We can check the distance correlation of the training data, as well as the matching test power of the testing data at critical level 0.05. Straight matching has a good correlation, but the testing power is not good enough.
dCorr p=plotPower(sol,numData,tesn,20); p(2)
dCorr = 0.9226 ans = 0.4700
Manifold Matching for (TE, TF) using Joint Isomap
Then we repeat the same procedure using joint Isomap with joint MDS matching.
options = struct('nonlinear',1,'match',0,'neighborSize',K,'jointSelection',1,'numData',numData,'oos',2*tesn,'maxIter',iter); [sol, dCorr]=ManifoldMatching(dis,dim,options);
After matching, we check the matchedness by connecting each pair by black line. The training data is very well matched. The testing matched pairs are reasonably matched with the testing unmatched pairs being clearly unmatched. This improves the testing power.

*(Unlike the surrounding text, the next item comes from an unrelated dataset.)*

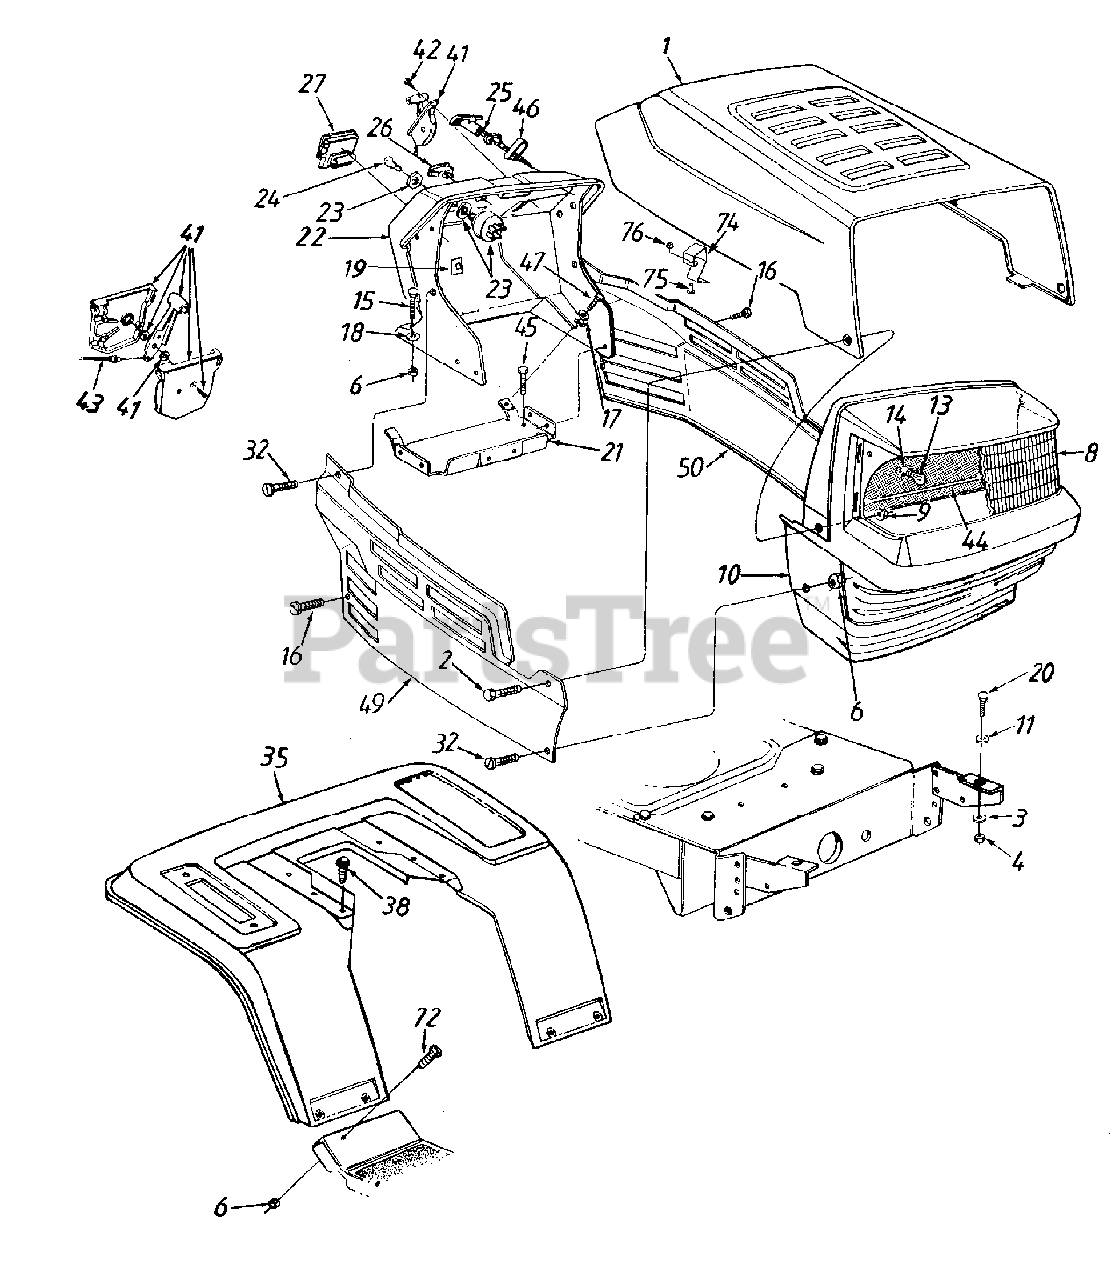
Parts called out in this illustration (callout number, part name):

plotVelocity([sol(:,1:tran) sol(:,tran+2*tesn+1:2*tran+2*tesn)],options.numData); title('Training Matched Data'); xlim([-2 2]) ylim([-2 4]) zlim([-1.5 1.5]) plotVelocity([sol(:,tran+1:tran+tesn) sol(:,2*tran+2*tesn+1:2*tran+3*tesn)],options.numData); title('Testing Matched Data'); xlim([-2 2]) ylim([-2 4]) zlim([-1.5 1.5]) plotVelocity([sol(:,tran+tesn+1:tran+2*tesn) sol(:,2*tran+3*tesn+1:2*tran+4*tesn)],options.numData); title('Testing Unmatched Data'); xlim([-2 2]) ylim([-2 4]) zlim([-1.5 1.5])



The distance correlation and the testing power are both better comparing to no nonlinear algorithm.
dCorr p=plotPower(sol,numData,tesn,20); p(2)
dCorr = 0.9843 ans = 0.7800
Manifold Matching for (TE, TF) using Separate LLE
Next we repeat the same procedure using separate LLE with Joint MDS matching.
options = struct('nonlinear',2,'match',0,'neighborSize',K,'jointSelection',0,'numData',numData,'oos',2*tesn,'maxIter',iter); [sol, dCorr]=ManifoldMatching(dis,dim,options);
After matching, we again check the matchedness by connecting each pair by black line. The testing data are quite difficult to distinguish.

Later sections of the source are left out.